▶ Exercise prompt
Your task is to restate every entry below word for word and omit the images.

= = =

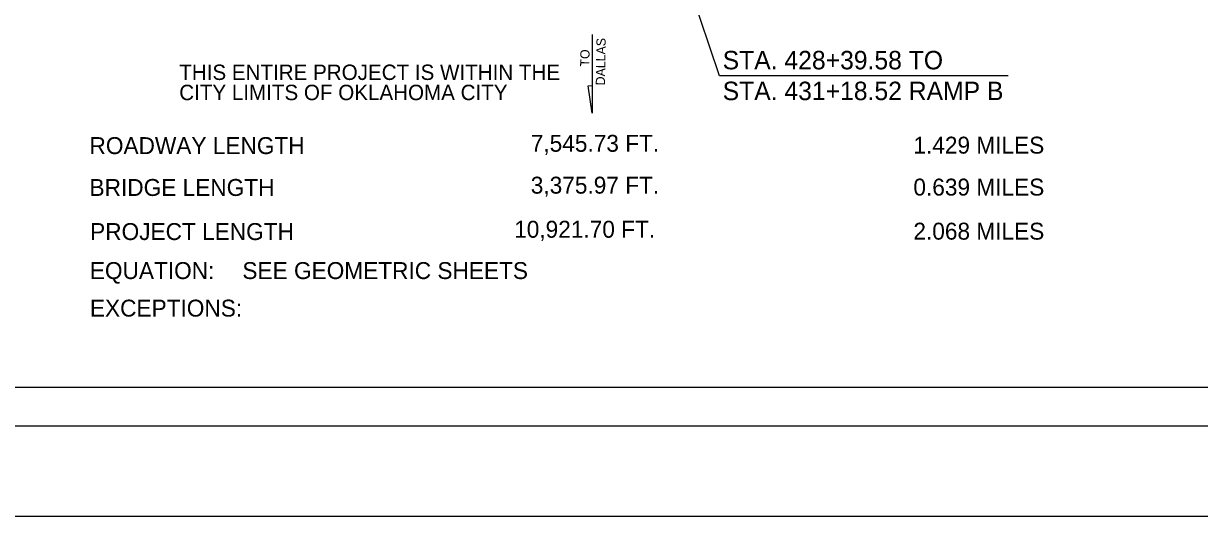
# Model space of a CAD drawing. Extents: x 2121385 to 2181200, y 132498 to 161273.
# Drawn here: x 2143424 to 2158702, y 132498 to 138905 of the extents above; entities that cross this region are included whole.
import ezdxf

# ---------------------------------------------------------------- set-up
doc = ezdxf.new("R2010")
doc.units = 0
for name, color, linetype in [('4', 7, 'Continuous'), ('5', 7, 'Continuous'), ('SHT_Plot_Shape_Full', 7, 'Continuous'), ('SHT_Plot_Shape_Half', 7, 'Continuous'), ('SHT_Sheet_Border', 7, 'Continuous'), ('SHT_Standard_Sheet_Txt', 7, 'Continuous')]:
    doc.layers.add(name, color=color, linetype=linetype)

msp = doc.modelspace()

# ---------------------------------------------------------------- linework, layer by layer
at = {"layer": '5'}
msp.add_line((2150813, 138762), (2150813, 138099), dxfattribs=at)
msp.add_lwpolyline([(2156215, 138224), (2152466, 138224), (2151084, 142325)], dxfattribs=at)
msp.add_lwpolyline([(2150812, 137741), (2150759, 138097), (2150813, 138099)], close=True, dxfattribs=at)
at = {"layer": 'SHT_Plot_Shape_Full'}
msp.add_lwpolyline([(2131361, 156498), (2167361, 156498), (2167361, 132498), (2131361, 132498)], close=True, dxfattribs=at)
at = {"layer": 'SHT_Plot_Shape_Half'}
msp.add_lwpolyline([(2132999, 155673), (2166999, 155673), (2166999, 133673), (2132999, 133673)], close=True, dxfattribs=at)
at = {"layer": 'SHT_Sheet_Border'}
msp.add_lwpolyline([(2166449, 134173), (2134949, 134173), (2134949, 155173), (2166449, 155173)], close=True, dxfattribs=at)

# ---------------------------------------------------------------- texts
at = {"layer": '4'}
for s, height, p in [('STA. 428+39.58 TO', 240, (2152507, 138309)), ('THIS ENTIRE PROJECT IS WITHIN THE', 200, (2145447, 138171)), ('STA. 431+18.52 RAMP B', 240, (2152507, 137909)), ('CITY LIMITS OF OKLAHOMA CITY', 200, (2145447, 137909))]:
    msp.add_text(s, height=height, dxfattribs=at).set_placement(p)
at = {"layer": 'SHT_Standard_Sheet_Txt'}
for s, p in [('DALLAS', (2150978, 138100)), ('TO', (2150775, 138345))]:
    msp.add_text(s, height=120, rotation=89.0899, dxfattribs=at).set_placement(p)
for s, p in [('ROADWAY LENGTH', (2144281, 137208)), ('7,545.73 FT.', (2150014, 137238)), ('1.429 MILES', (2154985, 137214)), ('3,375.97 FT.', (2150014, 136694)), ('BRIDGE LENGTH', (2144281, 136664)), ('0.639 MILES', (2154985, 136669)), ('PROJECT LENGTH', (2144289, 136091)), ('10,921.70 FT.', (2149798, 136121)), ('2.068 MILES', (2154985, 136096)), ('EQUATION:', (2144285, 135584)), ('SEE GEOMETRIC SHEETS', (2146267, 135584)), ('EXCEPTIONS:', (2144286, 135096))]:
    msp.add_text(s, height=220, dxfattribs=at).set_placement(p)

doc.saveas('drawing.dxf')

= = =

▶ Result for this exercise
# Model space of a CAD drawing. Extents: x 2121385 to 2181200, y 132498 to 161273.
# Drawn here: x 2143424 to 2158702, y 132498 to 138905 of the extents above; entities that cross this region are included whole.
import ezdxf

# ---------------------------------------------------------------- set-up
doc = ezdxf.new("R2010")
doc.units = 0
for name, color, linetype in [('4', 7, 'Continuous'), ('5', 7, 'Continuous'), ('SHT_Plot_Shape_Full', 7, 'Continuous'), ('SHT_Plot_Shape_Half', 7, 'Continuous'), ('SHT_Sheet_Border', 7, 'Continuous'), ('SHT_Standard_Sheet_Txt', 7, 'Continuous')]:
    doc.layers.add(name, color=color, linetype=linetype)

msp = doc.modelspace()

# ---------------------------------------------------------------- linework, layer by layer
at = {"layer": '5'}
msp.add_line((2150813, 138762), (2150813, 138099), dxfattribs=at)
msp.add_lwpolyline([(2156215, 138224), (2152466, 138224), (2151084, 142325)], dxfattribs=at)
msp.add_lwpolyline([(2150812, 137741), (2150759, 138097), (2150813, 138099)], close=True, dxfattribs=at)
at = {"layer": 'SHT_Plot_Shape_Full'}
msp.add_lwpolyline([(2131361, 156498), (2167361, 156498), (2167361, 132498), (2131361, 132498)], close=True, dxfattribs=at)
at = {"layer": 'SHT_Plot_Shape_Half'}
msp.add_lwpolyline([(2132999, 155673), (2166999, 155673), (2166999, 133673), (2132999, 133673)], close=True, dxfattribs=at)
at = {"layer": 'SHT_Sheet_Border'}
msp.add_lwpolyline([(2166449, 134173), (2134949, 134173), (2134949, 155173), (2166449, 155173)], close=True, dxfattribs=at)

# ---------------------------------------------------------------- texts
at = {"layer": '4'}
for s, height, p in [('STA. 428+39.58 TO', 240, (2152507, 138309)), ('THIS ENTIRE PROJECT IS WITHIN THE', 200, (2145447, 138171)), ('STA. 431+18.52 RAMP B', 240, (2152507, 137909)), ('CITY LIMITS OF OKLAHOMA CITY', 200, (2145447, 137909))]:
    msp.add_text(s, height=height, dxfattribs=at).set_placement(p)
at = {"layer": 'SHT_Standard_Sheet_Txt'}
for s, p in [('DALLAS', (2150978, 138100)), ('TO', (2150775, 138345))]:
    msp.add_text(s, height=120, rotation=89.0899, dxfattribs=at).set_placement(p)
for s, p in [('ROADWAY LENGTH', (2144281, 137208)), ('7,545.73 FT.', (2150014, 137238)), ('1.429 MILES', (2154985, 137214)), ('3,375.97 FT.', (2150014, 136694)), ('BRIDGE LENGTH', (2144281, 136664)), ('0.639 MILES', (2154985, 136669)), ('PROJECT LENGTH', (2144289, 136091)), ('10,921.70 FT.', (2149798, 136121)), ('2.068 MILES', (2154985, 136096)), ('EQUATION:', (2144285, 135584)), ('SEE GEOMETRIC SHEETS', (2146267, 135584)), ('EXCEPTIONS:', (2144286, 135096))]:
    msp.add_text(s, height=220, dxfattribs=at).set_placement(p)

doc.saveas('drawing.dxf')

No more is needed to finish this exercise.